Omega Speedmaster 145.012 – The Last Cal. 321
In 1967, the reference 105.012 has been replaced with the 145.012.
Nearly identical to its predecessor, it was in production for two years, from 1967 to 1968.
Differences between the 105.012 and the 145.012
The case remains basically identical.
As in the previous references, Huguenin Freres and Centrale Boites supplied the cases and they have the same differences in finishing between cases from both suppliers.
The only difference appears to be the pushers – slightly taller at 5 x 3.5mm, as seen on all Speedmaster Professional models until this day, instead of the previous 5 x 3mm.
Also, unlike the 105.012, all 145.012 cases had a single-step case back. The 105.012-65 had a double-step, marking a substantial difference in cases within one reference.
The dial remained largely unchanged.
It’s still a “step” one with the “Professional” marking, long hour markers, applied Omega logo (with one exception – more on that later).
This might be a bit confusing, as the 145.012 was equipped with two different chrono hand styles. Namely, the lumed spear hand, and the square-end spear (used until this day). That said, if the aging of the lume is consistent all throughout the watch, and there’s no reason to suspect a service replacement, you needn’t care about the “experts” claiming it to be a frankenwatch.
The DON. And only the DON. Except for an oddball or two, on which I’ll elaborate later.
145.012-67 and -68
The 145.012-67 is a common model.
The -68 is far less common. It needs to be remembered, that it was produced in the very same year that the 145.022 was being introduced. Because it’s not that common, it’s also poorly documented.
Buying a -68, is safer with an extract of the archives (if the seller offers it with that). You really don’t want to overpay for what’s actually a -67 with a service replacement back. Yup, the Omega service center’s affinity for swapping parts includes case backs.
The 145.012 had a few “oddball” models, which are actually rare.
Named after a Japanese sci-fi television series, the “Ultraman” is largely identical to other 145.012s, except for the chrono seconds hand. In this version, it’s a square-end orange one, without a lume plot typical for the “spear” hands. Always make sure it’s accompanied by the archives extract confirming, that Omega indeed used that hand on this particular watch.
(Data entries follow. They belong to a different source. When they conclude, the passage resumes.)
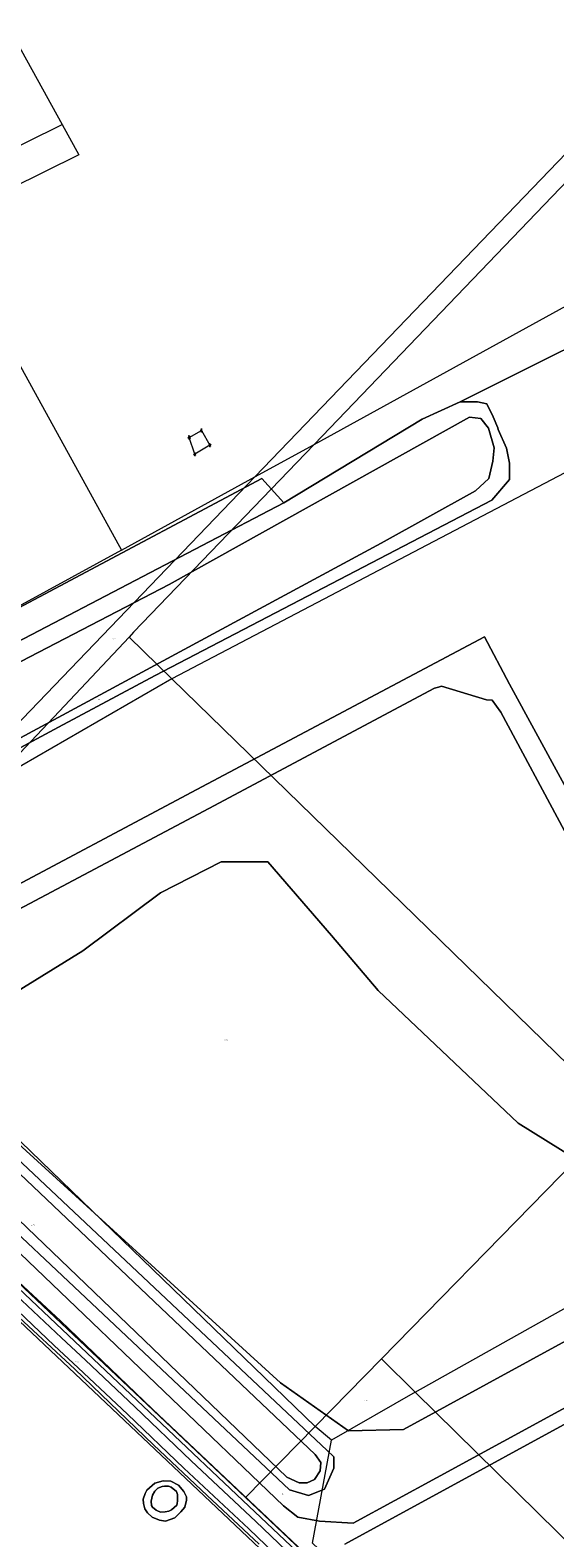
# Model space of a CAD drawing. Header units: metres. Extents: x 250001 to 257773, y 598992 to 609118.
# Tile 426 of 656: x 252589 to 252792, y 604246 to 604830. Entities that reach past the tile are written whole.
import ezdxf
from ezdxf.enums import TextEntityAlignment as Align
from ezdxf.lldxf.tags import DXFTag

# ---------------------------------------------------------------- set-up
doc = ezdxf.new("R2010")
doc.units = ezdxf.units.M
for name, color, linetype, lineweight in [('B-WE-GR-GRAS-GV', 252, 'Continuous', 13), ('B-WE-GR-GROENVOORZIENING-GV', 252, 'Continuous', 18), ('B-WE-IE-MEUBILAIR_WEGMEUBILAIR_HOOGSPANNINGSMAST-G', 252, 'Continuous', 18), ('B-WE-IE-MEUBILAIR_WEGMEUBILAIR_HOOGSPANNINGSMAST-S', 252, 'Continuous', 25), ('B-WE-KG-GRENS_PERCEEL-G', 150, 'KG-PERCEEL', 18), ('B-WE-KG-GRENS_PERCEEL-S', 150, 'Continuous', 25), ('B-WE-OG-WATER-GV', 252, 'Continuous', 18), ('B-WE-OG-WATER_SLOOT-GV', 252, 'Continuous', 18), ('B-WE-VH-ONVERHARD-GV', 252, 'Continuous', 18), ('B-WE-VH-VERHARDING_GESLOTEN-GV', 252, 'Continuous', 18), ('X-XX-AL-REFERENTIE-G', 7, 'Continuous', 18)]:
    doc.layers.add(name, color=color, linetype=linetype, lineweight=lineweight)
doc.styles.add('NLCS-ISO', font='NLCS-ISO.ttf')
doc.styles.get("Standard").update_dxf_attribs({"font": 'NLCS-ISO.ttf'})
tags = doc.linetypes.add('KG-PERCEEL', pattern='A,5.5,-2,["P",Standard,S=1.8,R=0,X=-0.5,Y=-0.9],-2,5.5,-2,[5,NLCS.SHX,S=0.75,R=0,X=0,Y=0],-2', length=19).pattern_tags.tags
tags[6] = DXFTag(74, 10)

# ---------------------------------------------------------------- blocks, each defined once
blk = doc.blocks.new('SKG-PERCEELNUMMER-SO')
at = {"style": 'NLCS-ISO', "oblique": 10, "flags": 1}
blk.add_attdef('GEMEENTECODE', text='', height=1.8, dxfattribs=at).set_placement((0, 2.6), align=Align.MIDDLE_CENTER)
at = {"style": 'NLCS-ISO', "oblique": 10}
blk.add_attdef('SECTIE', text='', height=1.8, dxfattribs=at).set_placement((-0.5, 0), align=Align.MIDDLE_RIGHT)
blk.add_attdef('PERCEELNUMMER', text='', height=1.8, dxfattribs=at).set_placement((0.5, 0), align=Align.MIDDLE_LEFT)
blk = doc.blocks.new('BS2021-132-Xref-KAD-20210617')
at = {"layer": 'B-WE-KG-GRENS_PERCEEL-G', "flags": 128}
for points in [[(252980.756, 604962.569), (252979.498, 604961.396), (252890.448, 604868.998), (252818.806, 604794.008), (252699.104, 604669.232)], [(252676.24, 604656.64), (252952.902, 604944.681)], [(252574.51, 604865.55), (252568.49, 604853.34), (252601.662, 604793.091)], [(252699.104, 604669.232), (253001.573, 604835.808)], [(252531.469, 604674.756), (252531.698, 604675.273), (252531.909, 604675.797), (252532.101, 604676.329), (252532.275, 604676.867), (252532.43, 604677.411), (252532.566, 604677.959), (252532.683, 604678.513), (252532.781, 604679.07), (252532.859, 604679.63), (252532.917, 604680.192), (252532.956, 604680.756), (252532.975, 604681.321), (252532.975, 604681.887), (252532.954, 604682.452), (252532.914, 604683.016), (252532.855, 604683.578), (252532.776, 604684.138), (252532.677, 604684.694), (252532.559, 604685.247), (252532.422, 604685.796), (252532.266, 604686.339), (252532.091, 604686.877), (252531.897, 604687.408), (252531.685, 604687.932), (252531.455, 604688.449), (252531.207, 604688.957), (252512.208, 604726.656), (252531.529, 604758.288), (252601.662, 604793.091)], [(252601.662, 604793.091), (252608.17, 604781.27), (252554.9, 604754.98), (252624.69, 604628.25)], [(252956.248, 604742.257), (252644.163, 604578.409)], [(252624.69, 604628.25), (252537.564, 604580.599), (252502.982, 604642.528), (252502.819, 604642.855), (252502.668, 604643.188), (252502.528, 604643.525), (252502.4, 604643.867), (252502.284, 604644.214), (252502.179, 604644.564), (252502.087, 604644.917), (252502.007, 604645.274), (252501.94, 604645.633), (252501.885, 604645.994), (252501.842, 604646.357), (252501.812, 604646.721), (252501.794, 604647.086), (252501.789, 604647.452), (252501.797, 604647.817), (252501.817, 604648.182), (252501.85, 604648.546), (252501.895, 604648.908), (252501.953, 604649.269), (252502.023, 604649.627), (252502.106, 604649.983), (252502.2, 604650.336), (252502.307, 604650.686), (252502.426, 604651.031), (252502.556, 604651.372), (252502.699, 604651.709), (252502.852, 604652.04), (252503.017, 604652.366), (252503.194, 604652.686), (252503.381, 604653), (252503.579, 604653.307), (252503.787, 604653.607), (252504.006, 604653.9), (252504.234, 604654.185), (252504.472, 604654.462), (252504.72, 604654.731), (252528.251, 604670.141), (252528.643, 604670.549), (252529.02, 604670.97), (252529.383, 604671.403), (252529.73, 604671.85), (252530.061, 604672.308), (252530.377, 604672.777), (252530.675, 604673.257), (252530.957, 604673.747), (252531.222, 604674.247), (252531.469, 604674.756)], [(252699.104, 604669.232), (252629.322, 604596.491), (252627.557, 604594.608)], [(252676.24, 604656.64), (252699.104, 604669.232)], [(252542.784, 604517.694), (252676.24, 604656.64)], [(252624.69, 604628.25), (252676.24, 604656.64)], [(252574.43, 604538.197), (252600.503, 604565.755), (252627.557, 604594.608)], [(252644.163, 604578.409), (252627.557, 604594.608)], [(252738.288, 604302.28), (253253.136, 604591.159)], [(252644.163, 604578.409), (252574.43, 604538.197)], [(252817.356, 604409.46), (252644.163, 604578.409)], [(252699.587, 604288.978), (252510.902, 604471.459)], [(252482.361, 604441.476), (252672.631, 604261.401)], [(252917.204, 604048.997), (252876.242, 604079.664), (252849.334, 604100.496), (252740.439, 604183.953), (252728.144, 604194.405), (252475.518, 604433.497)], [(252725.199, 604315.181), (252788.742, 604380.187), (252817.356, 604409.46)], [(252699.587, 604288.978), (252725.199, 604315.181)], [(252738.288, 604302.28), (252725.199, 604315.181)], [(252738.288, 604302.28), (252705.901, 604283.716)], [(252843.408, 604123.523), (252880.046, 604162.559), (252738.288, 604302.28)], [(252672.631, 604261.401), (252699.587, 604288.978)], [(252705.901, 604283.716), (252699.587, 604288.978)], [(252843.408, 604123.523), (252749.119, 604196.128), (252698.528, 604243.769), (252705.901, 604283.716)], [(252672.631, 604261.401), (252735.178, 604202.206), (252747.019, 604192.141), (252840.538, 604120.466)]]:
    blk.add_lwpolyline(points, dxfattribs=at)
at = {"layer": 'B-WE-KG-GRENS_PERCEEL-S', "xscale": 0.2, "yscale": 0.2, "zscale": 0.2}
for p, values in [((252621.534, 604593.937), {'PERCEELNUMMER': '226', 'SECTIE': 'M'}), ((252615.438, 604570.421), {'PERCEELNUMMER': '225', 'SECTIE': 'M'}), ((252664.88, 604438.635), {'PERCEELNUMMER': '224', 'SECTIE': 'M'}), ((252590.256, 604366.904), {'PERCEELNUMMER': '223', 'SECTIE': 'M'}), ((252607.185, 604314.035), {'PERCEELNUMMER': '105', 'SECTIE': 'M'}), ((252719.099, 604299.007), {'PERCEELNUMMER': '222', 'SECTIE': 'M'}), ((252686.469, 604262.862), {'PERCEELNUMMER': '344', 'SECTIE': 'M'})]:
    blk.add_blockref('SKG-PERCEELNUMMER-SO', p, dxfattribs=at).add_auto_attribs(values)
blk = doc.blocks.new('SKL-ET_HS_MAST-SO')
for p, q in [((0, 2.1), (-1.4, 1.8)), ((-1.4, 1.8), (-1.4, 1.6)), ((-1.4, 1.6), (0, 1.6)), ((0, 1.3), (-1.4, 1)), ((-1.4, 1), (-1.4, 0.9)), ((-1.4, 0.9), (0, 0.9)), ((-0.4, -0.4), (-0.1, 0.9)), ((0, 0), (-0.4, -0.4)), ((0, 0.5), (-0.2, 0.7)), ((0, 0.5), (-0.2, 0.3)), ((0, 0), (-0.2, 0.3)), ((-0.1, 0.9), (-0.1, 2)), ((0, 2.1), (1.4, 1.8)), ((1.4, 1.6), (0, 1.6)), ((0, 1.3), (1.4, 1)), ((1.4, 0.9), (0, 0.9)), ((0, 0.5), (0.2, 0.7)), ((0, 0.5), (0.2, 0.3)), ((0, 0), (0.2, 0.3)), ((0, 0), (0.4, -0.4)), ((0.1, 0.9), (0.1, 2)), ((0.4, -0.4), (0.1, 0.9)), ((1.4, 1.8), (1.4, 1.6)), ((1.4, 1), (1.4, 0.9)), ((-1, -1.8), (-0.4, -0.4)), ((-1, -1.8), (0, -0.8)), ((0, -0.8), (-0.4, -0.4)), ((0, -0.8), (0.4, -0.4)), ((1, -1.8), (0, -0.8)), ((1, -1.8), (0.4, -0.4))]:
    blk.add_line(p, q)
for points in [[(-1.4, -2), (-0.7, -2), (-0.7, -1.8), (-1.4, -1.8)], [(1.4, -2), (0.7, -2), (0.7, -1.8), (1.4, -1.8)]]:
    blk.add_lwpolyline(points, close=True)
blk = doc.blocks.new('BS2021-132-Xref-BGT-GRIJS-20210617-aangepast')
at = {"layer": 'B-WE-GR-GRAS-GV', "flags": 128}
for points in [[(253202.411, 604511.823), (252710.973, 604243.444)], [(252677.919, 604243.363), (252657.79, 604262.295), (252637.011, 604281.897), (252606.557, 604311.143), (252583.238, 604332.789)]]:
    blk.add_lwpolyline(points, dxfattribs=at)
for points in [[(252705.854, 604479.124), (252681.253, 604507.552), (252663.212, 604507.552), (252639.704, 604495.525), (252609.635, 604473.11), (252575.194, 604451.789), (252555.512, 604437.575), (252573.007, 604409.147), (252686.173, 604305.821), (252712.415, 604287.233), (252733.736, 604287.78), (252814.647, 604332.063), (252857.289, 604350.104), (252827.221, 604375.798), (252778.018, 604406.413), (252723.895, 604457.803)], [(252837.526, 604120.885), (252838.683, 604122.115), (252805.924, 604146.476), (252740.439, 604197.673), (252698.9, 604236.851), (252698.632, 604237.103), (252693.014, 604242.402), (252681.106, 604253.633), (252636.656, 604295.702), (252601.003, 604329.899), (252565.152, 604363.171), (252526.854, 604400.477), (252485.468, 604440.543), (252483.422, 604438.407), (252671.6, 604260.312), (252734.178, 604201.088), (252746.081, 604190.97)], [(252639.306, 604252.685), (252636.513, 604253.838), (252634.714, 604255.508), (252633.65, 604257.072), (252633.117, 604259.184), (252633.093, 604260.803), (252633.753, 604263.049), (252634.505, 604264.332), (252637.587, 604267.038), (252640.734, 604267.972), (252643.743, 604267.786), (252646.657, 604266.288), (252648.815, 604263.776), (252649.77, 604261.786), (252649.791, 604260.399), (252649.098, 604257.767), (252647.66, 604255.972), (252645.306, 604253.585), (252641.664, 604252.258)]]:
    blk.add_lwpolyline(points, close=True, dxfattribs=at)
at = {"layer": 'B-WE-GR-GROENVOORZIENING-GV', "flags": 128}
for points in [[(252466.212, 604531.003), (252687.388, 604646.56), (252678.957, 604655.94), (252522.816, 604572.854)], [(252710.973, 604243.444), (253202.411, 604511.823), (253206.881, 604514.264), (253208.233, 604514.57), (253219.213, 604525.975), (253216.344, 604525.486), (253212.48, 604523.377), (253202.023, 604517.671), (252746.525, 604269.116), (252714.257, 604251.508), (252701.215, 604252.272), (252692.88, 604253.86), (252687.324, 604258.226), (252455.773, 604480.221), (252453.114, 604476.997), (252488.067, 604443.257), (252485.468, 604440.543), (252526.854, 604400.477), (252565.152, 604363.171), (252601.003, 604329.899), (252636.656, 604295.702), (252681.106, 604253.633), (252693.014, 604242.402)]]:
    blk.add_lwpolyline(points, dxfattribs=at)
at = {"layer": 'B-WE-IE-MEUBILAIR_WEGMEUBILAIR_HOOGSPANNINGSMAST-G', "flags": 128}
blk.add_lwpolyline([(252650.794, 604671.923), (252655.553, 604674.616), (252658.838, 604668.889), (252652.981, 604665.379)], close=True, dxfattribs=at)
at = {"layer": 'B-WE-OG-WATER-GV', "flags": 128}
for points in [[(252578.983, 604338.999), (252598.665, 604320.372), (252607.952, 604311.721), (252627.014, 604293.717), (252648.795, 604272.812), (252673.897, 604249.328), (252700.249, 604224.018)], [(252702.988, 604226.933), (252676.649, 604252.231), (252651.547, 604275.716), (252629.772, 604296.614), (252610.689, 604314.639), (252601.403, 604323.288), (252581.744, 604341.894)]]:
    blk.add_lwpolyline(points, dxfattribs=at)
for points in [[(252484.69, 604464.521), (252539.425, 604412.601), (252688.618, 604269.351), (252693.309, 604267.162), (252696.437, 604267.162), (252699.252, 604268.413), (252701.441, 604271.853), (252701.754, 604274.981), (252699.565, 604278.109), (252496.888, 604470.777), (252492.822, 604472.028), (252490.633, 604472.028), (252488.13, 604471.402), (252485.941, 604468.9), (252484.377, 604466.085)], [(252642.775, 604265.794), (252641.277, 604265.847), (252640.358, 604265.73), (252638.663, 604265.033), (252637.486, 604263.896), (252636.682, 604262.413), (252636.059, 604260.099), (252636.244, 604258.369), (252636.6, 604257.772), (252638.032, 604256.554), (252638.843, 604256.117), (252639.86, 604255.841), (252641.552, 604255.915), (252642.955, 604256.186), (252644.046, 604256.747), (252646.001, 604258.524), (252646.227, 604259.084), (252646.367, 604260.213), (252646.261, 604262.666), (252645.98, 604263.731), (252643.891, 604265.49)]]:
    blk.add_lwpolyline(points, close=True, dxfattribs=at)
at = {"layer": 'B-WE-OG-WATER_SLOOT-GV', "flags": 128}
for points in [[(252768.398, 604679.818), (252765.947, 604684.958), (252762.375, 604685.752), (252755.628, 604685.752), (252740.944, 604679.005), (252687.388, 604646.56), (252466.212, 604531.003), (252453.469, 604521.518), (252451.621, 604516.286), (252451.621, 604512.317), (252454.4, 604503.586), (252463.907, 604490.083), (252477.418, 604493.505), (252600.306, 604559.719), (252600.308, 604559.72), (252637.722, 604579.712), (252767.931, 604647.651), (252774.678, 604655.589), (252774.678, 604661.939), (252773.495, 604667.758), (252770.31, 604675.016), (252770.25, 604675.584)], [(252466.306, 604496.045), (252463.131, 604500.014), (252459.956, 604507.554), (252459.162, 604514.698), (252465.115, 604522.239), (252474.64, 604527.398), (252643.038, 604614.942), (252759.243, 604679.712), (252763.688, 604679.288), (252766.651, 604675.478), (252768.725, 604667.892), (252768.328, 604662.733), (252766.741, 604655.986), (252761.581, 604651.223), (252725.069, 604630.983), (252484.959, 604501.204), (252480.102, 604499.045), (252471.465, 604494.457)], [(252480.102, 604499.045), (252484.959, 604501.204), (252725.069, 604630.983), (252761.581, 604651.223), (252766.741, 604655.986), (252768.328, 604662.733), (252768.725, 604667.892), (252766.651, 604675.478), (252763.688, 604679.288), (252759.243, 604679.712), (252643.038, 604614.942), (252474.64, 604527.398), (252465.115, 604522.239), (252459.162, 604514.698), (252459.956, 604507.554), (252463.131, 604500.014), (252466.306, 604496.045), (252471.465, 604494.457)], [(252493.76, 604475.468), (252489.069, 604475.468), (252484.064, 604472.653), (252481.249, 604469.838), (252480.311, 604465.459), (252480.937, 604461.706), (252493.719, 604449.193), (252689.615, 604264.415), (252697.023, 604262.298), (252703.185, 604264.629), (252706.759, 604272.791), (252706.759, 604277.17), (252704.256, 604279.672), (252508.181, 604464.359)], [(252688.618, 604269.351), (252539.425, 604412.601), (252484.69, 604464.521), (252484.377, 604466.085), (252485.941, 604468.9), (252488.13, 604471.402), (252490.633, 604472.028), (252492.822, 604472.028), (252496.888, 604470.777), (252699.565, 604278.109), (252701.754, 604274.981), (252701.441, 604271.853), (252699.252, 604268.413), (252696.437, 604267.162), (252693.309, 604267.162)], [(252643.743, 604267.786), (252640.734, 604267.972), (252637.587, 604267.038), (252634.505, 604264.332), (252633.753, 604263.049), (252633.093, 604260.803), (252633.117, 604259.184), (252633.65, 604257.072), (252634.714, 604255.508), (252636.513, 604253.838), (252639.306, 604252.685), (252641.664, 604252.258), (252645.306, 604253.585), (252647.66, 604255.972), (252649.098, 604257.767), (252649.791, 604260.399), (252649.77, 604261.786), (252648.815, 604263.776), (252646.657, 604266.288)], [(252640.358, 604265.73), (252641.277, 604265.847), (252642.775, 604265.794), (252643.891, 604265.49), (252645.98, 604263.731), (252646.261, 604262.666), (252646.367, 604260.213), (252646.227, 604259.084), (252646.001, 604258.524), (252644.046, 604256.747), (252642.955, 604256.186), (252641.552, 604255.915), (252639.86, 604255.841), (252638.843, 604256.117), (252638.032, 604256.554), (252636.6, 604257.772), (252636.244, 604258.369), (252636.059, 604260.099), (252636.682, 604262.413), (252637.486, 604263.896), (252638.663, 604265.033)]]:
    blk.add_lwpolyline(points, close=True, dxfattribs=at)
for points in [[(252583.238, 604332.789), (252606.557, 604311.143), (252637.011, 604281.897), (252657.79, 604262.295), (252677.919, 604243.363)], [(252734.178, 604201.088), (252671.6, 604260.312), (252483.422, 604438.407)], [(252581.744, 604341.894), (252601.403, 604323.288), (252610.689, 604314.639), (252629.772, 604296.614), (252651.547, 604275.716), (252676.649, 604252.231), (252702.988, 604226.933)], [(252700.249, 604224.018), (252673.897, 604249.328), (252648.795, 604272.812), (252627.014, 604293.717), (252607.952, 604311.721), (252598.665, 604320.372), (252578.983, 604338.999)]]:
    blk.add_lwpolyline(points, dxfattribs=at)
at = {"layer": 'B-WE-VH-ONVERHARD-GV', "flags": 128}
for points in [[(252522.816, 604572.854), (252678.957, 604655.94), (252687.388, 604646.56), (252740.944, 604679.005), (252755.628, 604685.752), (252835.178, 604725.458)], [(252835.178, 604725.458), (252755.628, 604685.752), (252762.375, 604685.752), (252765.947, 604684.958), (252768.398, 604679.818), (252770.25, 604675.584), (252770.31, 604675.016), (252773.495, 604667.758), (252774.678, 604661.939), (252774.678, 604655.589), (252767.931, 604647.651), (252637.722, 604579.712), (252600.308, 604559.72), (252600.306, 604559.719), (252477.418, 604493.505)], [(252572.255, 604492.245), (252653.781, 604535.571), (252742.005, 604582.382), (252765.034, 604594.682), (252774.738, 604576.368), (252805.285, 604520.195)], [(252820.661, 604473.691), (252771.321, 604565.571), (252767.973, 604570.149), (252765.786, 604570.354), (252748.428, 604575.548), (252747.266, 604575.274), (252745.695, 604574.796), (252658.428, 604528.19), (252576.492, 604484.728)], [(252455.773, 604480.221), (252687.324, 604258.226), (252692.88, 604253.86), (252701.215, 604252.272), (252714.257, 604251.508), (252746.525, 604269.116), (253202.023, 604517.671)]]:
    blk.add_lwpolyline(points, dxfattribs=at)
for points in [[(252663.212, 604507.552), (252681.253, 604507.552), (252705.854, 604479.124), (252723.895, 604457.803), (252778.018, 604406.413), (252827.221, 604375.798), (252857.289, 604350.104), (252814.647, 604332.063), (252733.736, 604287.78), (252712.415, 604287.233), (252686.173, 604305.821), (252573.007, 604409.147), (252555.512, 604437.575), (252575.194, 604451.789), (252609.635, 604473.11), (252639.704, 604495.525)], [(252706.759, 604272.791), (252703.185, 604264.629), (252697.023, 604262.298), (252689.615, 604264.415), (252493.719, 604449.193), (252480.937, 604461.706), (252480.311, 604465.459), (252481.249, 604469.838), (252484.064, 604472.653), (252489.069, 604475.468), (252493.76, 604475.468), (252508.181, 604464.359), (252704.256, 604279.672), (252706.759, 604277.17)]]:
    blk.add_lwpolyline(points, close=True, dxfattribs=at)
at = {"layer": 'B-WE-VH-VERHARDING_GESLOTEN-GV', "flags": 128}
for points in [[(252805.285, 604520.195), (252774.738, 604576.368), (252765.034, 604594.682), (252742.005, 604582.382), (252653.781, 604535.571), (252572.255, 604492.245)], [(252576.492, 604484.728), (252658.428, 604528.19), (252745.695, 604574.796), (252747.266, 604575.274), (252748.428, 604575.548), (252765.786, 604570.354), (252767.973, 604570.149), (252771.321, 604565.571), (252820.661, 604473.691)]]:
    blk.add_lwpolyline(points, dxfattribs=at)
at = {"layer": 'B-WE-IE-MEUBILAIR_WEGMEUBILAIR_HOOGSPANNINGSMAST-S', "xscale": 0.2, "yscale": 0.2, "zscale": 0.2}
for p in [(252655.553, 604674.616), (252650.794, 604671.923), (252658.838, 604668.889), (252652.981, 604665.379)]:
    blk.add_blockref('SKL-ET_HS_MAST-SO', p, dxfattribs=at)

msp = doc.modelspace()

# ---------------------------------------------------------------- block references
at = {"layer": 'X-XX-AL-REFERENTIE-G'}
for name in ['BS2021-132-Xref-BGT-GRIJS-20210617-aangepast', 'BS2021-132-Xref-KAD-20210617']:
    msp.add_blockref(name, (0, 0), dxfattribs=at)

doc.saveas('drawing.dxf')

Since that hand was used on some chronographs from the Seamaster collection, it’s terrifyingly easy for a faker to do a swap, and sell a frankenwatch for a lot – a lot – of money. An “Ultraman” sells for way more than any standard 145.012.
That’s likely one of the rarest Speedmasters of the period. Only a few specimens have ever surfaced.
The dial of this version is similar to the “racing dial” found on the Mark II.
The lumed markers are short, with red rectangular markers from the edge of the dial’s “step” to the outer edge of the minute track.
This particular version doesn’t have an applied Omega logo, but a printed one, like the 145.022-69.
The “racing” 145.012 has red hands for minutes, hours, and the small second at 9 o’clock. White “spear” chrono hand, and white batons for the minute and hour counters.
Some pre-Moon Speedmasters were equipped with either a telemeter or pulsometer bezel. If you’re buying one of these, the seller better have some proof of the bezel actually belonging on this particular watch. I’ve seen both pulsometer and telemeter bezel inserts up for sale on eBay. They’re easy to find, especially the pulsometer.
Since some years ago, a “modding set” for the Speedmaster Pro was released, called the “Paramedic” set (white dial, red chrono hand, pulsometer bezel).
The 145.012 is the cheapest cal. 321 Speedmaster out there, both the -67 and -68. They range from $8000 for a decent one to over $10,000 for the best specimens. If you’re looking for a Speedmaster with that movement, look no further.
The oddballs, i.e. “Ultraman” and “Racing” are unlikely to surface anywhere but auctions, where they fetch absolutely wild prices of tens of thousands of dollars.
Beware of frankens, and check if the watch you want to buy fits all the fine criteria for what it’s supposed to be.
Non-tachy bezel versions should be accompanied by extracts of the archives.